En el último párrafo se cita a los hermanos Pepe y Paco de Torrebaja, refiriéndose a José (1929-2008) y Francisco Gracia Bertolín (1931-92), alias los Molineros, hijos de Lázaro y Andrea, que regentaban el molino de Abajo (Molino del Mayorazgo); a la tía María Rosa, esto es, a la señora María Rosa Zaragoza Luz (Ademuz, 1868), y a don Antonio Villanueva Garrido (+1959), farmacéutico, natural de Casas Bajas (Valencia). Asimismo, se alude a cierta bomba, procedente de los bombardeos nacionales en la
zona durante la Guerra Civil (1936-39), cuya carcasa todavía se conserva en
Torrebaja (Valencia).[5]
Calle y edificios en Ademuz (Valencia), detalle del urbanismo (2009). |
Terminada
la guerra, la vida diaria continuó de forma parecida a como había discurrido
hasta entonces, aunque ya nada sería igual:
- Después de la guerra, Paco y Pepe, los del molino, ya llevaban más ganado, casi veinte ovejas, pero seguían viniéndose con nosotros.
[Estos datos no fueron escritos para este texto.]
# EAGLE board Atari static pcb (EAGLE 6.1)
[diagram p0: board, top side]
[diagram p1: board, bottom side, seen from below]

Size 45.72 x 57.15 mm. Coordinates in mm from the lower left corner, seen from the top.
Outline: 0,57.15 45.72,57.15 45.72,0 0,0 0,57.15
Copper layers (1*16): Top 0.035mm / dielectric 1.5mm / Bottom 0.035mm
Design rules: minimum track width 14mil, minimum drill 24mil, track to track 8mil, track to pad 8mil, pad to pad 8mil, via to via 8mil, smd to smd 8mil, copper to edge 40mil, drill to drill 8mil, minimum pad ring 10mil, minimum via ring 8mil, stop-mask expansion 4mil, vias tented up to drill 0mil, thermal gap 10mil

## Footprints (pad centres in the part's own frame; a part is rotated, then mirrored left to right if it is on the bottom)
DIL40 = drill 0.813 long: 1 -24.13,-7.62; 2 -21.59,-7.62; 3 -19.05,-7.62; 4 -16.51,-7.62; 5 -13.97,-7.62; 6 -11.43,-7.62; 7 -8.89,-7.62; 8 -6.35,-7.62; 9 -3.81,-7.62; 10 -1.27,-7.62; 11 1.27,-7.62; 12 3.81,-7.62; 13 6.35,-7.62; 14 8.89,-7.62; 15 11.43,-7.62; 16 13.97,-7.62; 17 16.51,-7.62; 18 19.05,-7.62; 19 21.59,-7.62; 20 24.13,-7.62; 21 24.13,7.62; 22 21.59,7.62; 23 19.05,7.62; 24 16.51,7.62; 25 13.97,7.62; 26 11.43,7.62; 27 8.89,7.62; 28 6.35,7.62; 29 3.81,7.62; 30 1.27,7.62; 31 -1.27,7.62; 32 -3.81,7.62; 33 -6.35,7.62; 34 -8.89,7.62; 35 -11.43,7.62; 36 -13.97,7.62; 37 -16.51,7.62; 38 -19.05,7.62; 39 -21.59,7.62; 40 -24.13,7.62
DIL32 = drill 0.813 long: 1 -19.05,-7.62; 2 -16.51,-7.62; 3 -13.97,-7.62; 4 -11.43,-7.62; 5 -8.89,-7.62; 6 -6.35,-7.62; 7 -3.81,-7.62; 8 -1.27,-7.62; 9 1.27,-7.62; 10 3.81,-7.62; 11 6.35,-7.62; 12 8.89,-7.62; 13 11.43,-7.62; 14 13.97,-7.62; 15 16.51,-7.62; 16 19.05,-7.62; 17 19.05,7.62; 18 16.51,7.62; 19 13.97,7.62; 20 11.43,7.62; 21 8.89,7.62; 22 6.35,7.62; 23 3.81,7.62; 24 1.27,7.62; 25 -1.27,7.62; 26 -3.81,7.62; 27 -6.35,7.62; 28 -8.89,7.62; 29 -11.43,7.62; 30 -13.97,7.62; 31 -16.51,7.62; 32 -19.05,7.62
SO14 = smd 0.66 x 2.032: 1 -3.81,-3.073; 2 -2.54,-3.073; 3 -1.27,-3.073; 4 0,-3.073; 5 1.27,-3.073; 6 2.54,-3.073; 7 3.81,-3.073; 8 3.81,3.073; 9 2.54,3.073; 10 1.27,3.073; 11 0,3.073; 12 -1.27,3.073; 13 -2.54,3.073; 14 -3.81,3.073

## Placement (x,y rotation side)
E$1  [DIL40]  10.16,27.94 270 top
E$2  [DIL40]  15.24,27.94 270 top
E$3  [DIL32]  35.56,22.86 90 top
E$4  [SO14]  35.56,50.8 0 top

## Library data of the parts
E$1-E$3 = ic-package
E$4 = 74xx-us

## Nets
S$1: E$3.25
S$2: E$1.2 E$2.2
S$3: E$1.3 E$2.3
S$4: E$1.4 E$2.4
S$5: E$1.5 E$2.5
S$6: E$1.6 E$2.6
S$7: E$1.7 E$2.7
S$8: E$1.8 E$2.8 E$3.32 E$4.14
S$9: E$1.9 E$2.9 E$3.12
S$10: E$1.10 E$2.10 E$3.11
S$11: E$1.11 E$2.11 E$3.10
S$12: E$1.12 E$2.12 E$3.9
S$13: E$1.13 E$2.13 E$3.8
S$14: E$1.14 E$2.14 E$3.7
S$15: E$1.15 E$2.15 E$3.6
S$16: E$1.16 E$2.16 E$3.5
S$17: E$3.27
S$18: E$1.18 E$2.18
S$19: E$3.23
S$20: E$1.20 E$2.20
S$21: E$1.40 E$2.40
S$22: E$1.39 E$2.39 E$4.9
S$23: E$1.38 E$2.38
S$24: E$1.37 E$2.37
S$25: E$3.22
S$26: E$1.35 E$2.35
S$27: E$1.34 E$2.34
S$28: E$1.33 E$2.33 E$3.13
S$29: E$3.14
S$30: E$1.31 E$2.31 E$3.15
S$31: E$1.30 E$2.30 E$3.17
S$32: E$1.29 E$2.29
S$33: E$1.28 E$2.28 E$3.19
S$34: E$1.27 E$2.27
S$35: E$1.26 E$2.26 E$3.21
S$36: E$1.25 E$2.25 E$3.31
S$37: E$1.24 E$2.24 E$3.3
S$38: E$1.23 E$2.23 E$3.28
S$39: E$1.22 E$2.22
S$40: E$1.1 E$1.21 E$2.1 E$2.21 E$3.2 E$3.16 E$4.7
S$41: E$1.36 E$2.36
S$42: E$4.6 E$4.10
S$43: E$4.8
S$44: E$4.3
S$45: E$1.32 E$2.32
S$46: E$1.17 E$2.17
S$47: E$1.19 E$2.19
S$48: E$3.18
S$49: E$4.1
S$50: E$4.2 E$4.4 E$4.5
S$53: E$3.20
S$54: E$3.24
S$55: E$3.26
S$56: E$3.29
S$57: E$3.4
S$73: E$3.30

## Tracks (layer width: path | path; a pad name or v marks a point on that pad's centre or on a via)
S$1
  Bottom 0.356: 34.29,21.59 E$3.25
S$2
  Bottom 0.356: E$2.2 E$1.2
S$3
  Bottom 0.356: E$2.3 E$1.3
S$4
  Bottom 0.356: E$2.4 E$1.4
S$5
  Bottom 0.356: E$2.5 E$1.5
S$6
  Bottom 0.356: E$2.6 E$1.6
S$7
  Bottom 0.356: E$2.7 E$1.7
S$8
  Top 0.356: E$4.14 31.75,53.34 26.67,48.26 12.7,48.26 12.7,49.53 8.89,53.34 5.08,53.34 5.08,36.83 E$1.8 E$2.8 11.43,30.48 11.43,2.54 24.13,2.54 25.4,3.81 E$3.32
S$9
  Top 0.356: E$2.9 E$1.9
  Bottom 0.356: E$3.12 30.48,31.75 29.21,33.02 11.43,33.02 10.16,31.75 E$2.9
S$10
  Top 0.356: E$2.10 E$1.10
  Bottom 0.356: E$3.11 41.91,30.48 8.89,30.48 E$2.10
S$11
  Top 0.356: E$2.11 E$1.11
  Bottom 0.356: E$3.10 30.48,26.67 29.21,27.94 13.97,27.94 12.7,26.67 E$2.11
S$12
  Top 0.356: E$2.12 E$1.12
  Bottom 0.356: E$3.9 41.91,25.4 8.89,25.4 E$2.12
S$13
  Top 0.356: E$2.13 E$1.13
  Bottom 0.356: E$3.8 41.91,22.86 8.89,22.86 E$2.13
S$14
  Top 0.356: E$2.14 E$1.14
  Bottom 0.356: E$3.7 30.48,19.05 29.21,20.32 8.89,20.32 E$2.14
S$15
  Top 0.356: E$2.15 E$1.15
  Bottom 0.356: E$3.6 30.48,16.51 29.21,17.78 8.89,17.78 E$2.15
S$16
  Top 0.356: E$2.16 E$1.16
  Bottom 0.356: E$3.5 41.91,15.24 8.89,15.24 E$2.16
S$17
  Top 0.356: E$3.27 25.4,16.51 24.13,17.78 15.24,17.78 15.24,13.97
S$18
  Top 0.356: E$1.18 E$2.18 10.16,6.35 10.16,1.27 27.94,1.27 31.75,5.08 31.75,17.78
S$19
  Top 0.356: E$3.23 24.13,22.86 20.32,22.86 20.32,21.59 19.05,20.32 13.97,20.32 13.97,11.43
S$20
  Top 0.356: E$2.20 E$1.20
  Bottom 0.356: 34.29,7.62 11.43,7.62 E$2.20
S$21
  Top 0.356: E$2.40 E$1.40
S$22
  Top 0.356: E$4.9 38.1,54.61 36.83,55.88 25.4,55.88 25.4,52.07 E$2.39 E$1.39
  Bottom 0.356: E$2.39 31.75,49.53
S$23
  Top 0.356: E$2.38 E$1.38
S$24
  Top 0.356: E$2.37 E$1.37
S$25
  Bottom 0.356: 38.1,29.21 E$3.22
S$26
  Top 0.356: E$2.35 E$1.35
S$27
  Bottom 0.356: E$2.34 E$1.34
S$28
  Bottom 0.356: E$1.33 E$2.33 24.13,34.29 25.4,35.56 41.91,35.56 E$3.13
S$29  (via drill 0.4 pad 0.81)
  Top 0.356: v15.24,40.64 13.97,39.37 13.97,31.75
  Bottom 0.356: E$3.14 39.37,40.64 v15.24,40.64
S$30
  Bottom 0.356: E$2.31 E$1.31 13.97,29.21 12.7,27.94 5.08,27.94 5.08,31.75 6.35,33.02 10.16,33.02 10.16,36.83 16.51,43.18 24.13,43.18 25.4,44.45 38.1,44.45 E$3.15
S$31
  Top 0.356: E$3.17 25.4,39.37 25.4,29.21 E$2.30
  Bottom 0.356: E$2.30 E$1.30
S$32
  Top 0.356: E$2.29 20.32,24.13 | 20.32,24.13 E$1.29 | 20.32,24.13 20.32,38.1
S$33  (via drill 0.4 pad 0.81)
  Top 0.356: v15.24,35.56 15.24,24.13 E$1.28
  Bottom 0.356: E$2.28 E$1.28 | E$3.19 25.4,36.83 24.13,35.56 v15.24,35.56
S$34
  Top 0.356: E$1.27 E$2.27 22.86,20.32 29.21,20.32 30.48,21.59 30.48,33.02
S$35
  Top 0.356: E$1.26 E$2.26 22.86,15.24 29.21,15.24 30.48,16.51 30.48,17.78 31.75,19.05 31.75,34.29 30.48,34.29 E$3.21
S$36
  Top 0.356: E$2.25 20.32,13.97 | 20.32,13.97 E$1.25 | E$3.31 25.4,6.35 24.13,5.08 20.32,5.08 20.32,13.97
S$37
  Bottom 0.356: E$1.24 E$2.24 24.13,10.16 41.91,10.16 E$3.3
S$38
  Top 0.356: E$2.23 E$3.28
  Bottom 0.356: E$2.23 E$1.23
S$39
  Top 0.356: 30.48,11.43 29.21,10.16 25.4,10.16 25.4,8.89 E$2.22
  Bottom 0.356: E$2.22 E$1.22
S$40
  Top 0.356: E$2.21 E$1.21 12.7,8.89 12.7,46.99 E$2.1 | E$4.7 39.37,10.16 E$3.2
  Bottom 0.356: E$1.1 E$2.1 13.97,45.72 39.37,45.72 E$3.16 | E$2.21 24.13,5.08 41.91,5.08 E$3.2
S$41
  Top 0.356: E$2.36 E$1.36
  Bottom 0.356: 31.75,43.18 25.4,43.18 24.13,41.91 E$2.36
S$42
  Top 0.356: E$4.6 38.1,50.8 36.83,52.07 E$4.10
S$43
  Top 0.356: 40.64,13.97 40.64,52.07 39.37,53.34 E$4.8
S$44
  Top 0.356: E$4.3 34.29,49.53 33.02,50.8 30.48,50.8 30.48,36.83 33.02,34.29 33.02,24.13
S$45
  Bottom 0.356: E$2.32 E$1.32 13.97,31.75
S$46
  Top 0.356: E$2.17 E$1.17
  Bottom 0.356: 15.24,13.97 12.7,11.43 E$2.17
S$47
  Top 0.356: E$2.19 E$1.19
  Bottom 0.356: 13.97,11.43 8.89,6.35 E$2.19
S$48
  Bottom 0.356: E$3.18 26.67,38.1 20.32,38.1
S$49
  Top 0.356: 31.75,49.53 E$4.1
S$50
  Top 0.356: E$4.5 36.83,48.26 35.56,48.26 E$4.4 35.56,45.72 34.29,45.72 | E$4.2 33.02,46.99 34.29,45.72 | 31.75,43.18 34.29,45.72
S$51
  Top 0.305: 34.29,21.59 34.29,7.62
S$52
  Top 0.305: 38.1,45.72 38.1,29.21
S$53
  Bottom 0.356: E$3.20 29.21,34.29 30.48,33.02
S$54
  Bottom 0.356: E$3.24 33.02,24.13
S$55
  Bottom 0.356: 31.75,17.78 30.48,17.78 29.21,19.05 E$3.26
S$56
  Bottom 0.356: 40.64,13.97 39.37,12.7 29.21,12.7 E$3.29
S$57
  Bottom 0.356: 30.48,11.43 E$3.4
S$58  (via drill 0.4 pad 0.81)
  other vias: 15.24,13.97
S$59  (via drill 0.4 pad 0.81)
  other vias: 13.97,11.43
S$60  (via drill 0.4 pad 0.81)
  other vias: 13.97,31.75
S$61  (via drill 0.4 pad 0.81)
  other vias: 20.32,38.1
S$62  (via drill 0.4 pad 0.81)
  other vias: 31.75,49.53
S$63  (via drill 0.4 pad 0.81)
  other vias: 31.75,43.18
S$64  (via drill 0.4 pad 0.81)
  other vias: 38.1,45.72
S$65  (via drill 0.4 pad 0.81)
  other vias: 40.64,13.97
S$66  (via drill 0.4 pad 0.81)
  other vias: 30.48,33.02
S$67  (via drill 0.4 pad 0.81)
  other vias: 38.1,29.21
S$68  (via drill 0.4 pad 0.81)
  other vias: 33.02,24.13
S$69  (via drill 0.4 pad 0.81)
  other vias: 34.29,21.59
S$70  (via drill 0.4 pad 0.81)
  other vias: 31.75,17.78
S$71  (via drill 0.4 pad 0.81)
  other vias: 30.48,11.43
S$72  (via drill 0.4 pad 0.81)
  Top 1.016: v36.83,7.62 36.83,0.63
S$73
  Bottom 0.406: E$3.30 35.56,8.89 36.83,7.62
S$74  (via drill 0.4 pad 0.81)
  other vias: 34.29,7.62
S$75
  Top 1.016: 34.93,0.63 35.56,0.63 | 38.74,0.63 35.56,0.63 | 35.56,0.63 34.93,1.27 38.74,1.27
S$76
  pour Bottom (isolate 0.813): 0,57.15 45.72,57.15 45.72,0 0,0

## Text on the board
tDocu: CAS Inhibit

Ellos encerraban en el molino de Abajo, que llamaban del tío Lázaro –se refiere al señor Lázaro Gracia López (1902-1964)-, que era su padre. Terminada la guerra, durante algún tiempo fui a la escuela con don Vicente Soriano Jiménez, un maestro de la Huerta del Marquesado (Cuenca), que había estado (preso) en la cárcel y estaba entonces aquí, desterrado... Un hermano de aquel maestro era catedrático de medicina, y fue director del Hospital de San Pablo en Barcelona. Los padres de estos señores tenían la posada de su pueblo... Con aquel maestro aprendí algo, poco; porque lo que aprendías durante invierno se te olvidaba al verano... Bueno, algo se me quedaría... Mis padres le pagaban 15 pesetas al mes para que me diera clase. Los muchachos íbamos a su casa por las noches –de las siete de la tarde a las diez de la noche-, y allí nos daba lección a los que estábamos. Yo fui durante dos o tres temporadas. La vivienda la tenía alquilada, pues estuvo residiendo en varias casas; en la de Dámaso, también en la carretera... Después, aquel hombre, en cuanto terminó el destierro, se marchó a su tierra: hace algunos años aún vivía..., pero yo ya no le he vuelto a ver.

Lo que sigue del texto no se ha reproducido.